Why Has California Waited So Long to Enact Its Own Merger Review Law?

Publication year2023
AuthorBy Abiel Garcia
WHY HAS CALIFORNIA WAITED SO LONG TO ENACT ITS OWN MERGER REVIEW LAW?

By Abiel Garcia1

While there is debate whether mergers and acquisitions ("M&A") benefit or harm the ultimate consumers, M&A activities are common practice in today's world.2 On the one hand, they can offer businesses the opportunity to expand their operations, achieve economies of scale, and increase productivity through technological and "back-office" synergies, which in theory results in lower prices and better products to consumers. On the other, M&A activities can negatively impact an economy by reducing competition in the marketplace—thereby raising prices on existing products or slowing innovation—or by eliminating jobs when streamlining a merged entity's operations.
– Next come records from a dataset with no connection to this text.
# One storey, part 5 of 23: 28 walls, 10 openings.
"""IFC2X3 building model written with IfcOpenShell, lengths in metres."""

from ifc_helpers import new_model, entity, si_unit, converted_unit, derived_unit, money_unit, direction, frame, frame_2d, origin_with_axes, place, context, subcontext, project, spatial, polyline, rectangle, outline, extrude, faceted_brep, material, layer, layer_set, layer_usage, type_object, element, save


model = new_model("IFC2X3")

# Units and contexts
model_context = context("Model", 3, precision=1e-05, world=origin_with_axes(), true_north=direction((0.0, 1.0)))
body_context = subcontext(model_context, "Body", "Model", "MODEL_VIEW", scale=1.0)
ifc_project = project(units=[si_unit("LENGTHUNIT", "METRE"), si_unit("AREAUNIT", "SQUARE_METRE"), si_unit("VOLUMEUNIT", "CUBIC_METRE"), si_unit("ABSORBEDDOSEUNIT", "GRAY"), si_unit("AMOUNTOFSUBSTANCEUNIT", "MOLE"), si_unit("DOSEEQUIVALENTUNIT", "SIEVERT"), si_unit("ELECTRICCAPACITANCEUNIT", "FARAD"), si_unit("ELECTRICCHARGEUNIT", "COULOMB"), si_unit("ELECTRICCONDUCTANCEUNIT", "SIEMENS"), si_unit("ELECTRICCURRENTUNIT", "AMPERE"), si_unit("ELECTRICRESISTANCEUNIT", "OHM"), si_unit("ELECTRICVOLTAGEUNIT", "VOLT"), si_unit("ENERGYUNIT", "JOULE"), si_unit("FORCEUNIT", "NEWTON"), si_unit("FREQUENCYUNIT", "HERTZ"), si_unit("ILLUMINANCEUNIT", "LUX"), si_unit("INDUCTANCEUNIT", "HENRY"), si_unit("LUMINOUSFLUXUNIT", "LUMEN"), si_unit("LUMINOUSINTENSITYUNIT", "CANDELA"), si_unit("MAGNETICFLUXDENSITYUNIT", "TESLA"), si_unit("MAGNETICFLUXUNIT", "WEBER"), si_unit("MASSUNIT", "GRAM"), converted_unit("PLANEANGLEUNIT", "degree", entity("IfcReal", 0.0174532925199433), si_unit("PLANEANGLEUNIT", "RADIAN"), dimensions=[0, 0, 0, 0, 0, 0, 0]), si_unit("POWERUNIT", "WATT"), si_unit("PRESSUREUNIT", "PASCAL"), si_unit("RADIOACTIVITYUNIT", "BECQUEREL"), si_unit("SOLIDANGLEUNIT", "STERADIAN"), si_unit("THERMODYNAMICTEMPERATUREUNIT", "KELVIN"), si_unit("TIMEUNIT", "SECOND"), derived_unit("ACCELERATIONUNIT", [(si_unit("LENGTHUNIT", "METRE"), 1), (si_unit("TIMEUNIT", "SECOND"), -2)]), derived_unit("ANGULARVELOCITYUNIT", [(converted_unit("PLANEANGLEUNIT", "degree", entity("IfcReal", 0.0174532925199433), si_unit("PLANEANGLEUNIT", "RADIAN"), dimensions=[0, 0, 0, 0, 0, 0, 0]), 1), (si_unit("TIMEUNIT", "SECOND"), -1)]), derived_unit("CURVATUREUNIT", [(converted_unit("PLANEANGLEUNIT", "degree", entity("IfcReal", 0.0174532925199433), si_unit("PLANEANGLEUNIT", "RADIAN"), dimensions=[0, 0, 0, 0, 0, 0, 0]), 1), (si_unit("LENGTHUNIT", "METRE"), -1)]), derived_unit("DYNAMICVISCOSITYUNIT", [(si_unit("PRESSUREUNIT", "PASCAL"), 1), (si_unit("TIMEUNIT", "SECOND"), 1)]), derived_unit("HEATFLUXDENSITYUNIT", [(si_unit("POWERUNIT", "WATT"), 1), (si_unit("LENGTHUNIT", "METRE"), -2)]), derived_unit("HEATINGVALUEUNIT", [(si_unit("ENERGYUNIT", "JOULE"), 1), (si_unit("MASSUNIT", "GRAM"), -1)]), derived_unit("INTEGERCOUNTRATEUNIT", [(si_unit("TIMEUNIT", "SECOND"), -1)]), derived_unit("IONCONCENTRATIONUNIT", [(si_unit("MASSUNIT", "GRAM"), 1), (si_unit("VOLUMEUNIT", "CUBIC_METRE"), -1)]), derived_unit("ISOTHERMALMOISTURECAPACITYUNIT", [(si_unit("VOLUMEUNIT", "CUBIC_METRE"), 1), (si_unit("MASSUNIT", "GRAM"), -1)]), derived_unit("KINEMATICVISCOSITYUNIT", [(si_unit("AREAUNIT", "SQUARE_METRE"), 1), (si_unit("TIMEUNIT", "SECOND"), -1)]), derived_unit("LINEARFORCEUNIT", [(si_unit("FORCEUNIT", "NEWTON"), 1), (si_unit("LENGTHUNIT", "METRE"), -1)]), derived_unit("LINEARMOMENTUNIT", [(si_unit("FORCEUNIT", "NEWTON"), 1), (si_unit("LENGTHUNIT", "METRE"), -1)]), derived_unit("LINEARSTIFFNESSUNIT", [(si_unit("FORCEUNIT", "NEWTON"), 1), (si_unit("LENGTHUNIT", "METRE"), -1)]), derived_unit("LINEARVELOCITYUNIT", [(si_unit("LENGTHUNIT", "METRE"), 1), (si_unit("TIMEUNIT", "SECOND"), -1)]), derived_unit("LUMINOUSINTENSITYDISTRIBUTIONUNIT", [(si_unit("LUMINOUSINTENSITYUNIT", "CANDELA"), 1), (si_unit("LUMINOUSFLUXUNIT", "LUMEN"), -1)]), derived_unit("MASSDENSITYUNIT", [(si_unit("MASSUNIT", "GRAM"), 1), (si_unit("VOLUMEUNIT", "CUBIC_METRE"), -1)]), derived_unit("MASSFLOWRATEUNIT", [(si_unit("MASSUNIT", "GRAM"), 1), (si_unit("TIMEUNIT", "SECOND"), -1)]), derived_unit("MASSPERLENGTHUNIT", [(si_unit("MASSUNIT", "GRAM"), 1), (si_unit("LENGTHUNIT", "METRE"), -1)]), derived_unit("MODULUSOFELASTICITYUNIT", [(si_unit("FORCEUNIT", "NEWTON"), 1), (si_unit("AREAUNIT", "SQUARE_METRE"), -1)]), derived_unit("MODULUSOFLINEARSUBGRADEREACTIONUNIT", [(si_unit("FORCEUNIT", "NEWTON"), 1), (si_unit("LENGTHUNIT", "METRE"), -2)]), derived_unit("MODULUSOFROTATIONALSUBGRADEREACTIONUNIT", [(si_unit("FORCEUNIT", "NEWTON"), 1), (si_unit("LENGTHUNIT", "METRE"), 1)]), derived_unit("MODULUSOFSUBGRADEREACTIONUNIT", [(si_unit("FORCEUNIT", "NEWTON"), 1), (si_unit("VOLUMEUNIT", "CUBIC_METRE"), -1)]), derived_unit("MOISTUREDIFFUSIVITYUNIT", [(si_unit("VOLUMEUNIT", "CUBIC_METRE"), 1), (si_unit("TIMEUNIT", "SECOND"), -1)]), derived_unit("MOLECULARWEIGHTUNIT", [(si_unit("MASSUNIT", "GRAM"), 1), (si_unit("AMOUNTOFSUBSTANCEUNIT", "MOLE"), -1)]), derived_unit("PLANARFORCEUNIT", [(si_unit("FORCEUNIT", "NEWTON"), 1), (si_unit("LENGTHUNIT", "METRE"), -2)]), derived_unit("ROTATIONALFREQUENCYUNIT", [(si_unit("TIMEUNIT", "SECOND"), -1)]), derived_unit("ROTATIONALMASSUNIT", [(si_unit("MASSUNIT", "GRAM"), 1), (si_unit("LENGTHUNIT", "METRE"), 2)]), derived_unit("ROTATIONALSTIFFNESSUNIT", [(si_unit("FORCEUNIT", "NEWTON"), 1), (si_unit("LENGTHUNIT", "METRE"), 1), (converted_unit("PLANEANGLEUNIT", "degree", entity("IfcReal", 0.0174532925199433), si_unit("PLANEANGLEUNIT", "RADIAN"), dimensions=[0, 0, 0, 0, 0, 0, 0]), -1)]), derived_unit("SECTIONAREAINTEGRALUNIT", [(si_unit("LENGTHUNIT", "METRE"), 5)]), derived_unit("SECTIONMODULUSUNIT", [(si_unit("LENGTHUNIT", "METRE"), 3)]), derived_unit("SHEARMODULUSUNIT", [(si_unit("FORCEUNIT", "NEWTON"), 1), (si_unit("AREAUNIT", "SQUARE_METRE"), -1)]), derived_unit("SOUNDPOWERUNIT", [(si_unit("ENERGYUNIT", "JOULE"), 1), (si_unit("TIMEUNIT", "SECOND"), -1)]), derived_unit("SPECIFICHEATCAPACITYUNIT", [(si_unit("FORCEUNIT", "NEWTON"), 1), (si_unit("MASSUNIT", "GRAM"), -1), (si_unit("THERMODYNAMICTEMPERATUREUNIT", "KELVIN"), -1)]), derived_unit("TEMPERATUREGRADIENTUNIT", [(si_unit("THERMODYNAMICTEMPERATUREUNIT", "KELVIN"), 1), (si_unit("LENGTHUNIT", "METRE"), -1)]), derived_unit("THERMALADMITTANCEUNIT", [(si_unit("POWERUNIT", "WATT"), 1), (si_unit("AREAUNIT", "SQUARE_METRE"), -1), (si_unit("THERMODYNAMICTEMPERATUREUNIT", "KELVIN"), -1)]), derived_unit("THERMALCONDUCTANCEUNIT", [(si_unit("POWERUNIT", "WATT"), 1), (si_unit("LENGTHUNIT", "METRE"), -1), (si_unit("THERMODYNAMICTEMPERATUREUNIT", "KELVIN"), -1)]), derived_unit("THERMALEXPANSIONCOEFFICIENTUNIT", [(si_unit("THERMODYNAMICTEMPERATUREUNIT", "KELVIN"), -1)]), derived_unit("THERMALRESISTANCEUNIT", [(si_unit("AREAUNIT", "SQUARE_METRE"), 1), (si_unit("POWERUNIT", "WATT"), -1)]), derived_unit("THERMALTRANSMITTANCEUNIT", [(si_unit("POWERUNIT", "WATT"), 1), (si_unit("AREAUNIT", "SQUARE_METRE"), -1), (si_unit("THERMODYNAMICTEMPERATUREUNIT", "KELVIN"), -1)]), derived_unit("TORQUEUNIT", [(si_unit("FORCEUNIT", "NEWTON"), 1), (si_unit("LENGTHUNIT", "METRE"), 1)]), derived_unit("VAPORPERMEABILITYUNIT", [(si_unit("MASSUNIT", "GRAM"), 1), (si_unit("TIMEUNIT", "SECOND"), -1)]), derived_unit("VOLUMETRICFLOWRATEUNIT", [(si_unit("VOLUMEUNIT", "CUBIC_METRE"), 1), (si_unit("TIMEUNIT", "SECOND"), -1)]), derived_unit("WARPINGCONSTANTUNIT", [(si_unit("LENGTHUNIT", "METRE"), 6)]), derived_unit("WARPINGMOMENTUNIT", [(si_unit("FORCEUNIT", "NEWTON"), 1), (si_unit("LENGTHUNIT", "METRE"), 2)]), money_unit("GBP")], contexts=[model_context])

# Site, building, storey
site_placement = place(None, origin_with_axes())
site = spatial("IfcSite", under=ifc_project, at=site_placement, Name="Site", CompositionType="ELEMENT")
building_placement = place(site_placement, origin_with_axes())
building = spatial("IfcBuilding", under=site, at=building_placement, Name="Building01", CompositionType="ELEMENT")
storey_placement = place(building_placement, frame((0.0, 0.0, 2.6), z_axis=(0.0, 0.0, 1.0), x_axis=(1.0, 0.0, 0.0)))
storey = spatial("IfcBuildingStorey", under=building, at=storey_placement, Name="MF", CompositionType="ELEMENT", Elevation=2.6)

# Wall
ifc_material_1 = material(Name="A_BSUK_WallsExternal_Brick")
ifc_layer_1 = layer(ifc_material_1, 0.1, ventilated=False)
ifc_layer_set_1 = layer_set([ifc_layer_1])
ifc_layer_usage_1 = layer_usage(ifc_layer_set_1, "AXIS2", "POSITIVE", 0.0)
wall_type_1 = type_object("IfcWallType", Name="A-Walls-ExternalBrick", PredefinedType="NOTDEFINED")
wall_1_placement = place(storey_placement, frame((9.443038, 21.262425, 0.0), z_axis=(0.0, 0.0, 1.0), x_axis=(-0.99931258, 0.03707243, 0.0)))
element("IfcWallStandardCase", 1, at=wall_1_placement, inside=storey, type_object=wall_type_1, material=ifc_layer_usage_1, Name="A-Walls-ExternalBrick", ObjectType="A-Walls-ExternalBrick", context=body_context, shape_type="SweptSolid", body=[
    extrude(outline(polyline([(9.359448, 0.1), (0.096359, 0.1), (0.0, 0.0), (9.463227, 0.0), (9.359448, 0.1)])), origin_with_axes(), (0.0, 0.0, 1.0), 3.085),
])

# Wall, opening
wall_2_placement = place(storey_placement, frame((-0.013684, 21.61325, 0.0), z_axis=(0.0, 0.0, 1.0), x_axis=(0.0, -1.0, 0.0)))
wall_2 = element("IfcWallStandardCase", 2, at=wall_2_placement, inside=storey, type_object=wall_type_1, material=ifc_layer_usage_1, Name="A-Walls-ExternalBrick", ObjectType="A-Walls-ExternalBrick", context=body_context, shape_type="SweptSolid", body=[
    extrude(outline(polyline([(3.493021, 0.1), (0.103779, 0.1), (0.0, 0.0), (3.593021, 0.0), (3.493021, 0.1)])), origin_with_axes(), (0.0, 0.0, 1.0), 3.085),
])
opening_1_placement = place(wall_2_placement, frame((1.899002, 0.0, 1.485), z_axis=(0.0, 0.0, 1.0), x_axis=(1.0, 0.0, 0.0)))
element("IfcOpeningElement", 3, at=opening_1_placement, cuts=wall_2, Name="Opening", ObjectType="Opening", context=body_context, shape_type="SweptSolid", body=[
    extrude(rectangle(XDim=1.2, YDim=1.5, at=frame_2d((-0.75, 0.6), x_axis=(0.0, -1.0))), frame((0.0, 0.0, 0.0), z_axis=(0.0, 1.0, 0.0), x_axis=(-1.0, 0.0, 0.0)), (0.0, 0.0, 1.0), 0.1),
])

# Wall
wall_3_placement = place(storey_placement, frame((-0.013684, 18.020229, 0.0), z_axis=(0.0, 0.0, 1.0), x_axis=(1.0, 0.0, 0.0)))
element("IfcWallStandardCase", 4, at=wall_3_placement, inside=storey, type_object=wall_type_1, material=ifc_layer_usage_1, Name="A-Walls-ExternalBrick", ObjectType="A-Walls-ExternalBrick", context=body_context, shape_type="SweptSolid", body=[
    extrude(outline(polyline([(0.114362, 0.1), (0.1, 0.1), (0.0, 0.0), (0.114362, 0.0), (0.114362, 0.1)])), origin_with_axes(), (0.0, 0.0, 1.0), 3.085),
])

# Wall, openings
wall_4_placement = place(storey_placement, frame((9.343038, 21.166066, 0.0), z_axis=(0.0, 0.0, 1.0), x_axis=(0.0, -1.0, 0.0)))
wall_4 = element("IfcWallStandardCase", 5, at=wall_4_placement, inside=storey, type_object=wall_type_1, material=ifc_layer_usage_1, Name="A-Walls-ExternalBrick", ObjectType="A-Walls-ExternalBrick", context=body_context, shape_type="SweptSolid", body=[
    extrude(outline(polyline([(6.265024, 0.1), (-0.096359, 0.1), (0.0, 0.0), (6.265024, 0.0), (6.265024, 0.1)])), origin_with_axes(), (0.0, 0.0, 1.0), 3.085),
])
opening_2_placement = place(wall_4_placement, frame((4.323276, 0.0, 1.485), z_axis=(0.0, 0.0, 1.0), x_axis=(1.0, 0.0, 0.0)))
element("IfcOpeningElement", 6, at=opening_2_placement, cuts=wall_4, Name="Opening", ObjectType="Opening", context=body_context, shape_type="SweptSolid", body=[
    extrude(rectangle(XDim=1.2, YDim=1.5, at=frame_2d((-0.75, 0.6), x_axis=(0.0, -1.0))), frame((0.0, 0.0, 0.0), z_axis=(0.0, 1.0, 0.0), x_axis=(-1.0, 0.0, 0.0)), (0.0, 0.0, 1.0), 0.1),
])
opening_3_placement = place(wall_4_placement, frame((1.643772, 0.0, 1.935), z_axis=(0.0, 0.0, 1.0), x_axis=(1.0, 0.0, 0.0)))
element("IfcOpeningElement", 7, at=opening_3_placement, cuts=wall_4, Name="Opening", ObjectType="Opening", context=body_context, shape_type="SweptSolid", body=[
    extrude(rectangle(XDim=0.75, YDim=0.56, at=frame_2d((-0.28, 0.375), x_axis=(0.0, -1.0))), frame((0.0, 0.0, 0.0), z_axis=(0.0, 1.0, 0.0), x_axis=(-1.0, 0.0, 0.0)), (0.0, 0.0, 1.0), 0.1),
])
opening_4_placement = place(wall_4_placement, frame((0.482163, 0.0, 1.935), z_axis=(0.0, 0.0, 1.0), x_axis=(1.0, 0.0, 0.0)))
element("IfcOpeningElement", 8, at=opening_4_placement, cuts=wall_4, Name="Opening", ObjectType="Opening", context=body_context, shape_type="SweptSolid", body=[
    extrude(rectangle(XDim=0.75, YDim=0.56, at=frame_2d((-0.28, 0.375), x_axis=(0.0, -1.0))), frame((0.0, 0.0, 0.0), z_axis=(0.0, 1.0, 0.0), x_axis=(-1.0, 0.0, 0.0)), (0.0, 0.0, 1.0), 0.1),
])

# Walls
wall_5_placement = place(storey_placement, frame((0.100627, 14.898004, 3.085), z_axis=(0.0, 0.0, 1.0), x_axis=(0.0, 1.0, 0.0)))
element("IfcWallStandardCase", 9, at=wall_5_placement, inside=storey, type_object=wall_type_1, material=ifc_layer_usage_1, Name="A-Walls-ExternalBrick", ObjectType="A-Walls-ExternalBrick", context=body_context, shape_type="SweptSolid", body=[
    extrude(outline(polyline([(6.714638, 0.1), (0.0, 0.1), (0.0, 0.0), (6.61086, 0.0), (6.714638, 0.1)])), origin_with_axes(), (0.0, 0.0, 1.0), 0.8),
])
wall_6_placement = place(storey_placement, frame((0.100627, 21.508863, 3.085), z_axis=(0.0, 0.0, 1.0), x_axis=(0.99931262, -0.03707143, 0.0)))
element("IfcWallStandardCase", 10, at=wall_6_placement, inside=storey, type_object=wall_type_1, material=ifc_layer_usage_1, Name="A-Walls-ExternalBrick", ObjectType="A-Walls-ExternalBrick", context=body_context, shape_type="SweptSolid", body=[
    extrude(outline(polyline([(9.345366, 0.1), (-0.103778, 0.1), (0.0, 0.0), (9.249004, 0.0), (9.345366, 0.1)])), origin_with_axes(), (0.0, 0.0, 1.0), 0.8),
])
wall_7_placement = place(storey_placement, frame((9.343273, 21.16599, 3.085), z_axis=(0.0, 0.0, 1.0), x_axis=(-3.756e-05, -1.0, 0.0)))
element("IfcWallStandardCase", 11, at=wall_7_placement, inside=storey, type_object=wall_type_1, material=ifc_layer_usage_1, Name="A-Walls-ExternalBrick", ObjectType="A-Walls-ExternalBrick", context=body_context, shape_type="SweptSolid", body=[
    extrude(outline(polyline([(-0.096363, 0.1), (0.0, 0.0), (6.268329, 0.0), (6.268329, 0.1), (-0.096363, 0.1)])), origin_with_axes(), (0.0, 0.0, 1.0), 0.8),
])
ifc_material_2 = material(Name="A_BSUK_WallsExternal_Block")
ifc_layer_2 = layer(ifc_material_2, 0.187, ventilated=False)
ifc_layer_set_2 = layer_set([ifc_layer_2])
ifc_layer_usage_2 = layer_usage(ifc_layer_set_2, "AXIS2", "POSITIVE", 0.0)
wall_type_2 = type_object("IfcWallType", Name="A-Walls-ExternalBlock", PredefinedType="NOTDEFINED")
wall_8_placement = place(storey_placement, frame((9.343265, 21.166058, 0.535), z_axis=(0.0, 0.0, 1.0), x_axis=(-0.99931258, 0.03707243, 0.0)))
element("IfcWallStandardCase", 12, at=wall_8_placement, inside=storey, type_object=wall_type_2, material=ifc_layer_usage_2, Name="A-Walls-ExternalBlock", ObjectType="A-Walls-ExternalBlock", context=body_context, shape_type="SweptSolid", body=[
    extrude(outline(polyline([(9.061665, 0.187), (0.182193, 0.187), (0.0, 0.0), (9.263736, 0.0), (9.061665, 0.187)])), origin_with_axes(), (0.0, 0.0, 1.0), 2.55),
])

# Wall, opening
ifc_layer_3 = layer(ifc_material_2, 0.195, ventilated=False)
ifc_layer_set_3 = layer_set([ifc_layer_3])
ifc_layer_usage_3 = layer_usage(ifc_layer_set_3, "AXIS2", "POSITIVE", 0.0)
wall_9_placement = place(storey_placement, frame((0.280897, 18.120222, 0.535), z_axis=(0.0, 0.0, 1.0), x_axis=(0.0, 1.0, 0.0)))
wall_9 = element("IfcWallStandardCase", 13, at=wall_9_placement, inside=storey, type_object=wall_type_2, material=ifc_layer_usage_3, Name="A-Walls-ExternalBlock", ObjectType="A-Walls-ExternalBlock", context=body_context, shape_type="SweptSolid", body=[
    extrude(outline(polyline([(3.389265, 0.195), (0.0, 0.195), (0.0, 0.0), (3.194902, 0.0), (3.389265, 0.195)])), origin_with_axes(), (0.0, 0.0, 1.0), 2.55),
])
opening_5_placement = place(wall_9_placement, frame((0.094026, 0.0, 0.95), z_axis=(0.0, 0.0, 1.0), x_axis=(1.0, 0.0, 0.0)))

Over the past decade, mergers and acquisitions have exploded, both through traditional horizontal and vertical mergers, as well as private equity firm acquisitions.3 The Federal Trade Commission ("FTC") and Department of Justice ("DOJ") (together the "Antitrust Agencies") reported that in 2021, more than 3,520 M&A transactions were reported pursuant to the Hart-Scott-Rodino Act ("HSR") guidelines,4 almost 67% higher than the next highest year in the past decade.5 This does not account for the additional thousands of non-HSR reportable mergers and acquisitions that take place each year.6

As of today, the Antitrust Agencies are the only two U.S. competition entities that consistently receive and review premerger notifications and filings under the federal HSR guidelines.7 But it is no secret that the Antitrust Agencies are understaffed and are scratching the surface of potentially problematic mergers.8 Out of the 3,520 HSR-reported transactions documented in 2021, the Antitrust Agencies investigated less than 2% of them.9 This could be due to a variety of reasons such as resource constraints, political agendas, or the growing complexity and size of transactions that require scrutiny. Regardless of the reason, the Antitrust Agencies are limited in their ability to review a majority of the HSR-reported mergers.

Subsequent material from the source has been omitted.